Glen Jankowski, a psychology lecturer at Leeds Beckett University, says: “These apps increasingly form a big part of our lives beyond dating. Just because this occurs virtually doesn’t mean it shouldn’t be subject to the same standards of real life.”
For that reason it’s important that the apps take a stand on intolerant behaviour. Bumble’s Louise Troen acknowledges the problem, saying: “The online space is complicated, and people can say things they wouldn’t say in a bar because of the potential ramifications.”
Safiya Umoja Noble, author of Algorithms of Oppression, a book detailing how search engines reinforce racism, says that the way we communicate online doesn’t help, and that in person there are more social conventions over who we choose to talk to, and how we choose to talk to them: “In these kinds of applications, there’s no space for that kind of empathy or self-regulation.”
Jankowski agrees: “There are certain things some people would say on dating apps that they wouldn’t say in real life, like ‘black = block’ and ‘no gay Asians’.”
However, Troen is clear: “Whenever someone says something like that, they know there is an army of people at Bumble who will take immediate and terminal action to make sure that user doesn’t have access to the platform.”
Others are coming round to the same belief – albeit more slowly. Earlier this month, Grindr announced a “zero-tolerance” policy on racism and discrimination, threatening to ban users who use racist language. The app is also considering the removal of options that allow users to filter potential dates by race.
Racism has long been a problem on Grindr: a 2015 paper by researchers in Australia found 96% of users had viewed at least one profile that included some sort of racial discrimination, and more than half believed they’d been victims of racism. More than one in eight admitted they included text on their profile indicating they themselves discriminated on the basis of race.
We don’t accept “No blacks, no Irish” signs in real life any more, so why do we on platforms that are a major part of our dating lives, and are attempting to gain a foothold as a public forum?
“By encouraging this kind of behaviour, it reinforces the belief that this is normal,” says Keodara. “They’re normalising racism on their platform.” Transgender model and activist Munroe Bergdorf agrees. “The apps have the resources and should be capable of holding people accountable when they behave in a racist or discriminatory way. If they choose not to, they’re complicit in that.”
Noble is uncertain about the efficacy of drawing up a list of forbidden words. “Reducing it down in the simplest forms to a text-based curation of words that can and can’t be used, I haven’t yet seen the evidence that this will solve that problem,” she says. It’s likely that users would get around any bans by resorting to euphemisms or acronyms. “Users will always game the text,” she explains.

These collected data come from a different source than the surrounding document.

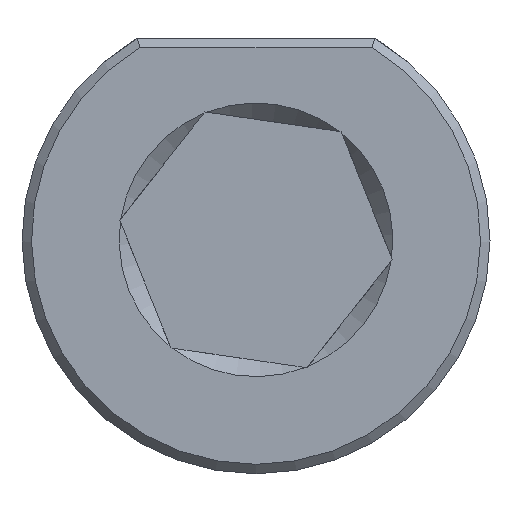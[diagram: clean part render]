
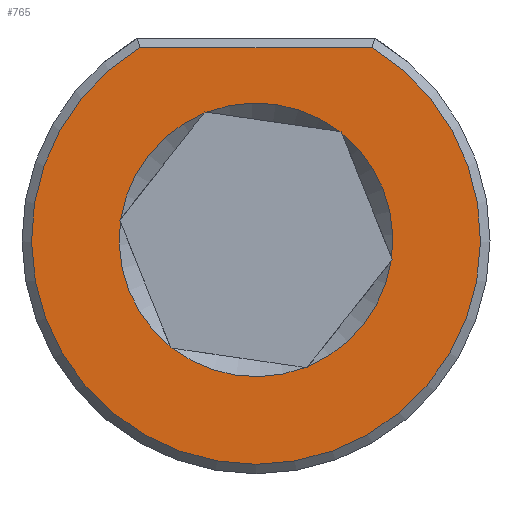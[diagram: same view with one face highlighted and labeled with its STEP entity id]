
A CAD part, front view. The second image highlights one B-rep face of the part: STEP entity #765.
In plain terms, the highlighted planar face has unit normal (0, -1, 0).
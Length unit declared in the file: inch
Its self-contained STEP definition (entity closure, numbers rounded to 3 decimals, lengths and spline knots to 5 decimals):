
#26=FACE_BOUND('',#130,.T.);
#36=PLANE('',#842);
#85=FACE_OUTER_BOUND('',#129,.T.);
#129=EDGE_LOOP('',(#605,#606));
#130=EDGE_LOOP('',(#607,#608,#609,#610,#611,#612,#613,#614,#615,#616,#617,
#618,#619,#620,#621,#622,#623,#624));
#198=LINE('',#1436,#248);
#200=LINE('',#1453,#250);
#201=LINE('',#1455,#251);
#202=LINE('',#1459,#252);
#203=LINE('',#1461,#253);
#204=LINE('',#1465,#254);
#205=LINE('',#1467,#255);
#206=LINE('',#1471,#256);
#207=LINE('',#1473,#257);
#208=LINE('',#1477,#258);
#209=LINE('',#1479,#259);
#210=LINE('',#1483,#260);
#211=LINE('',#1485,#261);
#248=VECTOR('',#973,0.3937);
#250=VECTOR('',#985,0.3937);
#251=VECTOR('',#986,0.3937);
#252=VECTOR('',#989,0.3937);
#253=VECTOR('',#990,0.3937);
#254=VECTOR('',#993,0.3937);
#255=VECTOR('',#994,0.3937);
#256=VECTOR('',#997,0.3937);
#257=VECTOR('',#998,0.3937);
#258=VECTOR('',#1001,0.3937);
#259=VECTOR('',#1002,0.3937);
#260=VECTOR('',#1005,0.3937);
#261=VECTOR('',#1006,0.3937);
#296=CIRCLE('',#839,0.4725);
#298=CIRCLE('',#843,0.288);
#299=CIRCLE('',#844,0.288);
#300=CIRCLE('',#845,0.288);
#301=CIRCLE('',#846,0.288);
#302=CIRCLE('',#847,0.288);
#303=CIRCLE('',#848,0.288);
#355=VERTEX_POINT('',#1434);
#356=VERTEX_POINT('',#1435);
#357=VERTEX_POINT('',#1451);
#358=VERTEX_POINT('',#1452);
#359=VERTEX_POINT('',#1454);
#360=VERTEX_POINT('',#1456);
#361=VERTEX_POINT('',#1458);
#362=VERTEX_POINT('',#1460);
#363=VERTEX_POINT('',#1462);
#364=VERTEX_POINT('',#1464);
#365=VERTEX_POINT('',#1466);
#366=VERTEX_POINT('',#1468);
#367=VERTEX_POINT('',#1470);
#368=VERTEX_POINT('',#1472);
#369=VERTEX_POINT('',#1474);
#370=VERTEX_POINT('',#1476);
#371=VERTEX_POINT('',#1478);
#372=VERTEX_POINT('',#1480);
#373=VERTEX_POINT('',#1482);
#374=VERTEX_POINT('',#1484);
#446=EDGE_CURVE('',#355,#356,#198,.T.);
#450=EDGE_CURVE('',#356,#355,#296,.T.);
#452=EDGE_CURVE('',#357,#358,#200,.T.);
#453=EDGE_CURVE('',#358,#359,#201,.T.);
#454=EDGE_CURVE('',#360,#359,#298,.T.);
#455=EDGE_CURVE('',#360,#361,#202,.T.);
#456=EDGE_CURVE('',#361,#362,#203,.T.);
#457=EDGE_CURVE('',#363,#362,#299,.T.);
#458=EDGE_CURVE('',#363,#364,#204,.T.);
#459=EDGE_CURVE('',#364,#365,#205,.T.);
#460=EDGE_CURVE('',#366,#365,#300,.T.);
#461=EDGE_CURVE('',#366,#367,#206,.T.);
#462=EDGE_CURVE('',#367,#368,#207,.T.);
#463=EDGE_CURVE('',#369,#368,#301,.T.);
#464=EDGE_CURVE('',#369,#370,#208,.T.);
#465=EDGE_CURVE('',#370,#371,#209,.T.);
#466=EDGE_CURVE('',#372,#371,#302,.T.);
#467=EDGE_CURVE('',#372,#373,#210,.T.);
#468=EDGE_CURVE('',#373,#374,#211,.T.);
#469=EDGE_CURVE('',#357,#374,#303,.T.);
#605=ORIENTED_EDGE('',*,*,#446,.F.);
#606=ORIENTED_EDGE('',*,*,#450,.F.);
#607=ORIENTED_EDGE('',*,*,#452,.T.);
#608=ORIENTED_EDGE('',*,*,#453,.T.);
#609=ORIENTED_EDGE('',*,*,#454,.F.);
#610=ORIENTED_EDGE('',*,*,#455,.T.);
#611=ORIENTED_EDGE('',*,*,#456,.T.);
#612=ORIENTED_EDGE('',*,*,#457,.F.);
#613=ORIENTED_EDGE('',*,*,#458,.T.);
#614=ORIENTED_EDGE('',*,*,#459,.T.);
#615=ORIENTED_EDGE('',*,*,#460,.F.);
#616=ORIENTED_EDGE('',*,*,#461,.T.);
#617=ORIENTED_EDGE('',*,*,#462,.T.);
#618=ORIENTED_EDGE('',*,*,#463,.F.);
#619=ORIENTED_EDGE('',*,*,#464,.T.);
#620=ORIENTED_EDGE('',*,*,#465,.T.);
#621=ORIENTED_EDGE('',*,*,#466,.F.);
#622=ORIENTED_EDGE('',*,*,#467,.T.);
#623=ORIENTED_EDGE('',*,*,#468,.T.);
#624=ORIENTED_EDGE('',*,*,#469,.F.);
#765=ADVANCED_FACE('',(#85,#26),#36,.T.);
#839=AXIS2_PLACEMENT_3D('',#1447,#977,#978);
#842=AXIS2_PLACEMENT_3D('',#1450,#983,#984);
#843=AXIS2_PLACEMENT_3D('',#1457,#987,#988);
#844=AXIS2_PLACEMENT_3D('',#1463,#991,#992);
#845=AXIS2_PLACEMENT_3D('',#1469,#995,#996);
#846=AXIS2_PLACEMENT_3D('',#1475,#999,#1000);
#847=AXIS2_PLACEMENT_3D('',#1481,#1003,#1004);
#848=AXIS2_PLACEMENT_3D('',#1486,#1007,#1008);
#973=DIRECTION('',(1.,0.,0.));
#977=DIRECTION('center_axis',(0.,1.,0.));
#978=DIRECTION('ref_axis',(0.,0.,-1.));
#983=DIRECTION('center_axis',(0.,-1.,0.));
#984=DIRECTION('ref_axis',(0.,0.,-1.));
#985=DIRECTION('',(0.37,0.,-0.929));
#986=DIRECTION('',(-0.619,0.,-0.785));
#987=DIRECTION('center_axis',(0.,-1.,0.));
#988=DIRECTION('ref_axis',(0.,0.,1.));
#989=DIRECTION('',(-0.619,0.,-0.785));
#990=DIRECTION('',(-0.99,0.,0.144));
#991=DIRECTION('center_axis',(0.,-1.,0.));
#992=DIRECTION('ref_axis',(0.,0.,1.));
#993=DIRECTION('',(-0.99,0.,0.144));
#994=DIRECTION('',(-0.37,0.,0.929));
#995=DIRECTION('center_axis',(0.,-1.,0.));
#996=DIRECTION('ref_axis',(0.,0.,1.));
#997=DIRECTION('',(-0.37,0.,0.929));
#998=DIRECTION('',(0.619,0.,0.785));
#999=DIRECTION('center_axis',(0.,-1.,0.));
#1000=DIRECTION('ref_axis',(0.,0.,1.));
#1001=DIRECTION('',(0.619,0.,0.785));
#1002=DIRECTION('',(0.99,0.,-0.144));
#1003=DIRECTION('center_axis',(0.,-1.,0.));
#1004=DIRECTION('ref_axis',(0.,0.,1.));
#1005=DIRECTION('',(0.99,0.,-0.144));
#1006=DIRECTION('',(0.37,0.,-0.929));
#1007=DIRECTION('center_axis',(0.,-1.,0.));
#1008=DIRECTION('ref_axis',(0.,0.,1.));
#1434=CARTESIAN_POINT('',(-0.2442,0.,0.4045));
#1435=CARTESIAN_POINT('',(0.2442,0.,0.4045));
#1436=CARTESIAN_POINT('',(0.12486,0.,0.4045));
#1447=CARTESIAN_POINT('Origin',(0.,0.,0.));
#1450=CARTESIAN_POINT('Origin',(0.,0.,-0.248));
#1451=CARTESIAN_POINT('',(0.28546,0.,-0.03818));
#1452=CARTESIAN_POINT('',(0.28683,0.,-0.04162));
#1453=CARTESIAN_POINT('',(0.24897,0.,0.05331));
#1454=CARTESIAN_POINT('',(0.28454,0.,-0.04452));
#1455=CARTESIAN_POINT('',(0.18167,0.,-0.17498));
#1456=CARTESIAN_POINT('',(0.10966,0.,-0.26631));
#1457=CARTESIAN_POINT('Origin',(0.,0.,0.));
#1458=CARTESIAN_POINT('',(0.10737,0.,-0.26921));
#1459=CARTESIAN_POINT('',(0.18167,0.,-0.17498));
#1460=CARTESIAN_POINT('',(0.10372,0.,-0.26868));
#1461=CARTESIAN_POINT('',(0.05329,0.,-0.26136));
#1462=CARTESIAN_POINT('',(-0.1758,0.,-0.22812));
#1463=CARTESIAN_POINT('Origin',(0.,0.,0.));
#1464=CARTESIAN_POINT('',(-0.17945,0.,-0.22759));
#1465=CARTESIAN_POINT('',(0.05329,0.,-0.26136));
#1466=CARTESIAN_POINT('',(-0.18082,0.,-0.22416));
#1467=CARTESIAN_POINT('',(-0.16363,0.,-0.26727));
#1468=CARTESIAN_POINT('',(-0.28546,0.,0.03818));
#1469=CARTESIAN_POINT('Origin',(0.,0.,0.));
#1470=CARTESIAN_POINT('',(-0.28683,0.,0.04162));
#1471=CARTESIAN_POINT('',(-0.16363,0.,-0.26727));
#1472=CARTESIAN_POINT('',(-0.28454,0.,0.04452));
#1473=CARTESIAN_POINT('',(-0.30225,0.,0.02205));
#1474=CARTESIAN_POINT('',(-0.10966,0.,0.26631));
#1475=CARTESIAN_POINT('Origin',(0.,0.,0.));
#1476=CARTESIAN_POINT('',(-0.10737,0.,0.26921));
#1477=CARTESIAN_POINT('',(-0.30225,0.,0.02205));
#1478=CARTESIAN_POINT('',(-0.10372,0.,0.26868));
#1479=CARTESIAN_POINT('',(-0.01805,0.,0.25625));
#1480=CARTESIAN_POINT('',(0.1758,0.,0.22812));
#1481=CARTESIAN_POINT('Origin',(0.,0.,0.));
#1482=CARTESIAN_POINT('',(0.17945,0.,0.22759));
#1483=CARTESIAN_POINT('',(-0.01805,0.,0.25625));
#1484=CARTESIAN_POINT('',(0.18082,0.,0.22416));
#1485=CARTESIAN_POINT('',(0.24897,0.,0.05331));
#1486=CARTESIAN_POINT('Origin',(0.,0.,0.));

Of course, outlawing certain language isn’t likely to solve racism. While Bumble and Grindr deny using image recognition-based algorithms to suggest partners visually similar to ones that users have already expressed an interest in, many users suspect that some apps do. (Tinder refused requests to participate in this article, though research shows that Tinder provides potential matches based on “current location, previous swipes, and contacts”.) Barring abusive language could still allow inadvertent prejudice through the efficiency of the apps’ algorithms. “They can’t design out our worst impulses and our worst human conditions,” admits Noble.
All dating apps’ algorithms are proprietary black boxes that the companies are wary of sharing with the public or competitors. But if they include some requirement of user self-definition by race (as Grindr does), or preference for interracial relationships (as sites such as OkCupid do), then with every swipe or button press the matchmaking algorithm is learning what we like and what we don’t. Likewise, Tinder’s algorithm ranks attractiveness based on previous swipes; therefore, it promotes what is considered “traditionally” beautiful (read: white) people. Crucially, no app is likely to deliberately dumb down its algorithm to produce worse matches, even if it may help prevent racist behaviour.
Bumble hopes to change user behaviour by example. “Whether it’s subconscious or unintentional, lots of people in the world are ingrained with racist, sexist or misogynistic behaviour patterns,” says Troen, adding that “we are more than happy to ban people”. (Bumble has banned “probably a couple of thousand” users for abusive behaviour of one type or another.)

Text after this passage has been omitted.